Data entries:

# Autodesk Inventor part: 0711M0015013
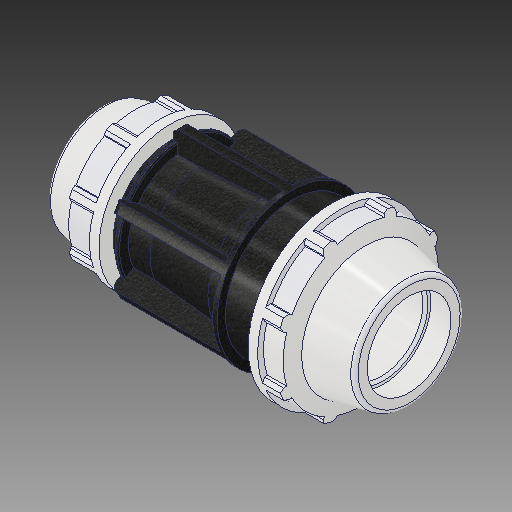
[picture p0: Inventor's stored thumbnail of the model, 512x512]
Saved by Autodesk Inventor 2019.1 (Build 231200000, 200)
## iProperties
Created: 2017-02
Part Number: 0711M0015013
Material: PVC-Piping
Description: PLASSON REDUCING COUPLER 1 1/2'' - 1 1/4''
Document SubType Name: Modeling
Designer: KIM
Mass: 92.6774 g
Surface Area: 199.44 cm^2
Volume: 66.1981 cm^3
Density: 1.4 g/cm^3
Appearance: PTFE
Author: KIM
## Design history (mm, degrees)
derived "0711M0.ipt"
feature "Solid1::0711M0.ipt"
tag "TaggingFeature1"
body "Solid1"
other parameters: "d_" = 48.1, "E_" = 96.012, "H_" = 176, "l_" = 82.042, "d_1" = 42.1, "E_1" = 82.042, "l_1" = 58, "d96" = 9.8542, "d2" = 48.1, "d4" = 14.66667, "d5" = 25.14286, "d7" = 96.012, "d9" = 25.14286, "d11" = 2.51429, "d12" = 76.8096, "d13" = 120 deg, "d14" = 62.53, "d15" = 12 deg, "d16" = 86.4108, "d18" = 2.405, "d19" = 35 deg, "d20" = 17.5 deg, "d21" = 89.29116, "d23" = 0, "d25" = 360 deg, "d27" = 1.92024, "d42" = 19.36, "d46" = 1.443, "d51" = 176, "d52" = 60.68966, "d53" = 12 deg, "d54" = 82.042, "d56" = 63.15, "d57" = 42.1, "d58" = 43.29, "d59" = 37.89, "d60" = 73.8378, "d61" = 65.6336, "d62" = 17.6, "d63" = 21.12, "d64" = 120 deg, "d65" = 82.042, "d68" = 12.57143, "d74" = 76.29906, "d75" = 35 deg, "d76" = 17.5 deg, "d78" = 0, "d80" = 360 deg, "d85" = 1.64084, "d88" = 0.842, "d93" = 58, "d94" = 67.2084, "d97" = 3.28473, "d98" = 5.46947, "d99" = 0, "d100" = 3.84048, "d102" = 360 deg, "d104" = 2, "d106" = 0, "d107" = 5.46947, "d108" = 0, "d109" = 5.46947, "d110" = 0
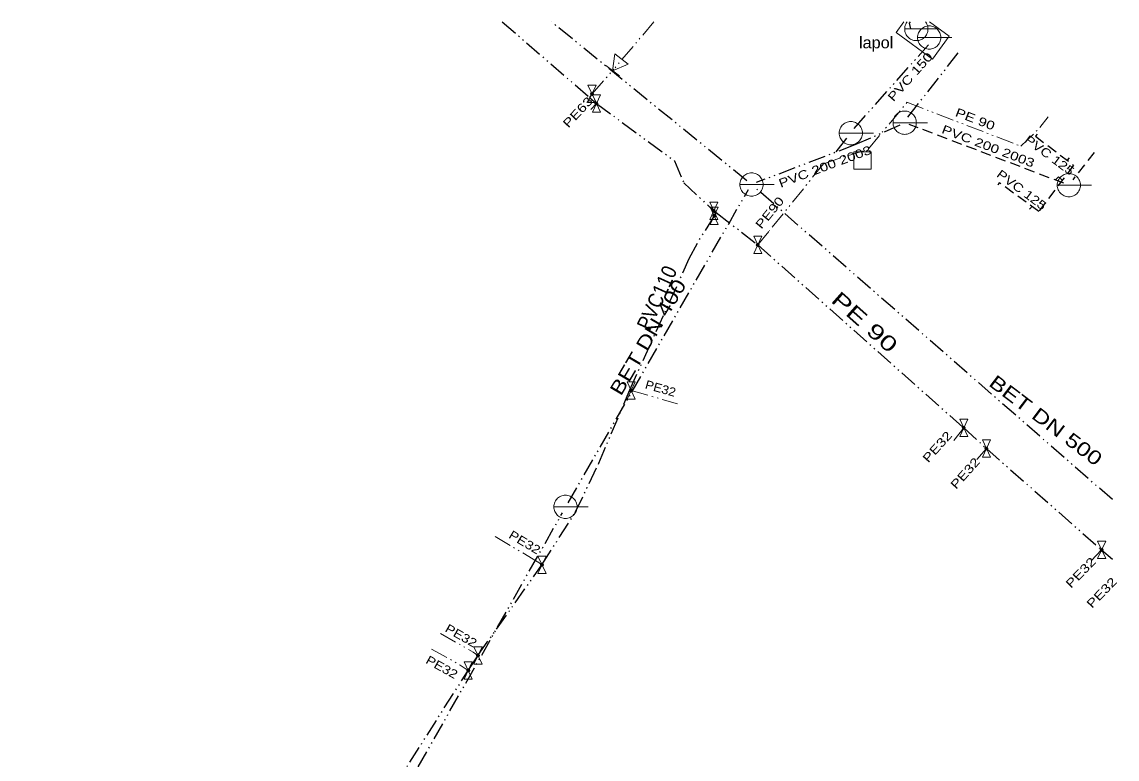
# Model space of a CAD drawing. Extents: x -600643 to -600531, y -1081783 to -1081649.
# Drawn here: x -600626 to -600531.2, y -1081713 to -1081649.2 of the extents above; entities that cross this region are included whole.
import ezdxf
from ezdxf.enums import TextEntityAlignment as Align

# ---------------------------------------------------------------- set-up
doc = ezdxf.new("R2010")
doc.units = 0
doc.header["$LTSCALE"] = 0.3
doc.linetypes.add('DASH_DOUBLE_DOT', pattern=[9.2, 5, -1.2, 0.3, -1.2, 0.3, -1.2])
doc.linetypes.add('MEDIUM_DASHED', pattern=[4.5, 3, -1.5])
for name, color, linetype, lineweight in [('1', 7, 'DASH_DOUBLE_DOT', 25), ('2', 7, 'Continuous', 13), ('41', 7, 'DASH_DOUBLE_DOT', 25), ('42', 7, 'Continuous', 13), ('49', 7, 'Continuous', 13), ('55', 7, 'DASH_DOUBLE_DOT', 25), ('57', 7, 'Continuous', 13), ('58', 7, 'DASH_DOUBLE_DOT', 13)]:
    doc.layers.add(name, color=color, linetype=linetype, lineweight=lineweight)
doc.layers.add('3', color=7, linetype='Continuous')
doc.layers.add('56', color=7, linetype='Continuous')

msp = doc.modelspace()

# ---------------------------------------------------------------- hatches: boundary and pattern name
at = {"layer": '57'}
for points in [[(-600576.5178, -1081655.39, 1), (-600576.7822, -1081655.39, 1)], [(-600576.1378, -1081656.23, 1), (-600576.4022, -1081656.23, 1)], [(-600565.9778, -1081665.51, 1), (-600566.2422, -1081665.51, 1)], [(-600565.9378, -1081665.94, 1), (-600566.2022, -1081665.94, 1)], [(-600562.1678, -1081668.46, 1), (-600562.4322, -1081668.46, 1)], [(-600573.1178, -1081681.06, 1), (-600573.3822, -1081681.06, 1)], [(-600544.3378, -1081684.3, 1), (-600544.6022, -1081684.3, 1)], [(-600542.3778, -1081686.09, 1), (-600542.6422, -1081686.09, 1)], [(-600532.4078, -1081694.86, 1), (-600532.6722, -1081694.86, 1)], [(-600580.8478, -1081696.14, 1), (-600581.1122, -1081696.14, 1)], [(-600586.3878, -1081703.99, 1), (-600586.6522, -1081703.99, 1)], [(-600587.2278, -1081705.28, 1), (-600587.4922, -1081705.28, 1)]]:
    msp.add_hatch(color=256, dxfattribs=at).paths.add_polyline_path(points)

# ---------------------------------------------------------------- linework, layer by layer
at = {"layer": '1'}
for p, q in [((-600563.248, -1081662.905), (-600580.159, -1081649.16)), ((-600578.711, -1081690.777), (-600563.109, -1081663.653)), ((-600531.6, -1081690.506), (-600562.483, -1081663.549)), ((-600625.993, -1081774.075), (-600579.207, -1081691.645))]:
    msp.add_line(p, q, dxfattribs=at)
at = {"layer": '2'}
for p, q in [((-600563.849, -1081663.236), (-600560.873, -1081663.236)), ((-600579.956, -1081691.126), (-600576.98, -1081691.126))]:
    msp.add_line(p, q, dxfattribs=at)
for points in [[(-600562.841, -1081662.228), (-600562.946, -1081662.234), (-600563.05, -1081662.25), (-600563.152, -1081662.278), (-600563.251, -1081662.316), (-600563.345, -1081662.363), (-600563.433, -1081662.421), (-600563.515, -1081662.487), (-600563.59, -1081662.562), (-600563.656, -1081662.644), (-600563.714, -1081662.732), (-600563.761, -1081662.826), (-600563.799, -1081662.925), (-600563.827, -1081663.027), (-600563.843, -1081663.131), (-600563.849, -1081663.236), (-600563.843, -1081663.341), (-600563.827, -1081663.446), (-600563.799, -1081663.548), (-600563.761, -1081663.646), (-600563.714, -1081663.74), (-600563.656, -1081663.829), (-600563.59, -1081663.911), (-600563.515, -1081663.985), (-600563.433, -1081664.051), (-600563.345, -1081664.109), (-600563.251, -1081664.157), (-600563.152, -1081664.195), (-600563.05, -1081664.222), (-600562.946, -1081664.238), (-600562.841, -1081664.244), (-600562.736, -1081664.238), (-600562.631, -1081664.222), (-600562.529, -1081664.195), (-600562.431, -1081664.157), (-600562.337, -1081664.109), (-600562.248, -1081664.051), (-600562.166, -1081663.985), (-600562.092, -1081663.911), (-600562.026, -1081663.829), (-600561.968, -1081663.74), (-600561.92, -1081663.646), (-600561.882, -1081663.548), (-600561.855, -1081663.446), (-600561.839, -1081663.341), (-600561.833, -1081663.236), (-600561.839, -1081663.131), (-600561.855, -1081663.027), (-600561.882, -1081662.925), (-600561.92, -1081662.826), (-600561.968, -1081662.732), (-600562.026, -1081662.644), (-600562.092, -1081662.562), (-600562.166, -1081662.487), (-600562.248, -1081662.421), (-600562.337, -1081662.363), (-600562.431, -1081662.316), (-600562.529, -1081662.278), (-600562.631, -1081662.25), (-600562.736, -1081662.234)], [(-600578.948, -1081690.118), (-600579.053, -1081690.124), (-600579.157, -1081690.14), (-600579.259, -1081690.168), (-600579.358, -1081690.206), (-600579.452, -1081690.253), (-600579.54, -1081690.311), (-600579.622, -1081690.377), (-600579.697, -1081690.452), (-600579.763, -1081690.534), (-600579.821, -1081690.622), (-600579.868, -1081690.716), (-600579.906, -1081690.815), (-600579.934, -1081690.917), (-600579.95, -1081691.021), (-600579.956, -1081691.126), (-600579.95, -1081691.231), (-600579.934, -1081691.336), (-600579.906, -1081691.438), (-600579.868, -1081691.536), (-600579.821, -1081691.63), (-600579.763, -1081691.719), (-600579.697, -1081691.801), (-600579.622, -1081691.875), (-600579.54, -1081691.941), (-600579.452, -1081691.999), (-600579.358, -1081692.047), (-600579.259, -1081692.085), (-600579.157, -1081692.112), (-600579.053, -1081692.128), (-600578.948, -1081692.134), (-600578.843, -1081692.128), (-600578.738, -1081692.112), (-600578.636, -1081692.085), (-600578.538, -1081692.047), (-600578.444, -1081691.999), (-600578.355, -1081691.941), (-600578.273, -1081691.875), (-600578.199, -1081691.801), (-600578.133, -1081691.719), (-600578.075, -1081691.63), (-600578.027, -1081691.536), (-600577.989, -1081691.438), (-600577.962, -1081691.336), (-600577.946, -1081691.231), (-600577.94, -1081691.126), (-600577.946, -1081691.021), (-600577.962, -1081690.917), (-600577.989, -1081690.815), (-600578.027, -1081690.716), (-600578.075, -1081690.622), (-600578.133, -1081690.534), (-600578.199, -1081690.452), (-600578.273, -1081690.377), (-600578.355, -1081690.311), (-600578.444, -1081690.253), (-600578.538, -1081690.206), (-600578.636, -1081690.168), (-600578.738, -1081690.14), (-600578.843, -1081690.124)]]:
    msp.add_lwpolyline(points, close=True, dxfattribs=at)
at = {"layer": '41', "linetype": 'MEDIUM_DASHED'}
for p, q in [((-600535.814, -1081663.127), (-600549.194, -1081658.027)), ((-600533.191, -1081660.451), (-600535.046, -1081662.836))]:
    msp.add_line(p, q, dxfattribs=at)
at = {"layer": '41'}
for p, q in [((-600538.119, -1081658.862), (-600538.278, -1081659.047)), ((-600535.337, -1081660.928), (-600535.523, -1081661.14)), ((-600538.623, -1081665.193), (-600538.782, -1081665.379))]:
    msp.add_line(p, q, dxfattribs=at)
at = {"layer": '41', "linetype": 'MEDIUM_DASHED'}
msp.add_lwpolyline([(-600538.278, -1081659.047), (-600534.966, -1081661.564), (-600537.987, -1081665.564), (-600541.405, -1081663.074), (-600541.537, -1081663.286)], dxfattribs=at)
at = {"layer": '41'}
msp.add_lwpolyline([(-600535.946, -1081662.849), (-600536.264, -1081662.571), (-600536.543, -1081662.822)], dxfattribs=at)
at = {"layer": '42'}
msp.add_line((-600536.382, -1081663.289), (-600533.406, -1081663.289), dxfattribs=at)
msp.add_lwpolyline([(-600535.374, -1081662.281), (-600535.479, -1081662.287), (-600535.583, -1081662.303), (-600535.685, -1081662.331), (-600535.784, -1081662.369), (-600535.878, -1081662.416), (-600535.966, -1081662.474), (-600536.048, -1081662.54), (-600536.123, -1081662.615), (-600536.189, -1081662.697), (-600536.247, -1081662.785), (-600536.294, -1081662.879), (-600536.332, -1081662.978), (-600536.36, -1081663.08), (-600536.376, -1081663.184), (-600536.382, -1081663.289), (-600536.376, -1081663.394), (-600536.36, -1081663.499), (-600536.332, -1081663.601), (-600536.294, -1081663.699), (-600536.247, -1081663.793), (-600536.189, -1081663.882), (-600536.123, -1081663.964), (-600536.048, -1081664.038), (-600535.966, -1081664.104), (-600535.878, -1081664.162), (-600535.784, -1081664.21), (-600535.685, -1081664.248), (-600535.583, -1081664.275), (-600535.479, -1081664.291), (-600535.374, -1081664.297), (-600535.269, -1081664.291), (-600535.164, -1081664.275), (-600535.062, -1081664.248), (-600534.964, -1081664.21), (-600534.87, -1081664.162), (-600534.781, -1081664.104), (-600534.699, -1081664.038), (-600534.625, -1081663.964), (-600534.559, -1081663.882), (-600534.501, -1081663.793), (-600534.453, -1081663.699), (-600534.415, -1081663.601), (-600534.388, -1081663.499), (-600534.372, -1081663.394), (-600534.366, -1081663.289), (-600534.372, -1081663.184), (-600534.388, -1081663.08), (-600534.415, -1081662.978), (-600534.453, -1081662.879), (-600534.501, -1081662.785), (-600534.559, -1081662.697), (-600534.625, -1081662.615), (-600534.699, -1081662.54), (-600534.781, -1081662.474), (-600534.87, -1081662.416), (-600534.964, -1081662.369), (-600535.062, -1081662.331), (-600535.164, -1081662.303), (-600535.269, -1081662.287)], close=True, dxfattribs=at)
at = {"layer": '49'}
for p, q in [((-600549.585, -1081649.77), (-600546.609, -1081649.77)), ((-600548.471, -1081650.512), (-600545.495, -1081650.512)), ((-600550.592, -1081657.882), (-600547.616, -1081657.882)), ((-600555.259, -1081658.783), (-600552.283, -1081658.783))]:
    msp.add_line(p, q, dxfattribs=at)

PROBLEM:
Read through the records above and copy the lines that contain "layers".

YOUR SOLUTION:
    doc.layers.add(name, color=color, linetype=linetype, lineweight=lineweight)
doc.layers.add('3', color=7, linetype='Continuous')
doc.layers.add('56', color=7, linetype='Continuous')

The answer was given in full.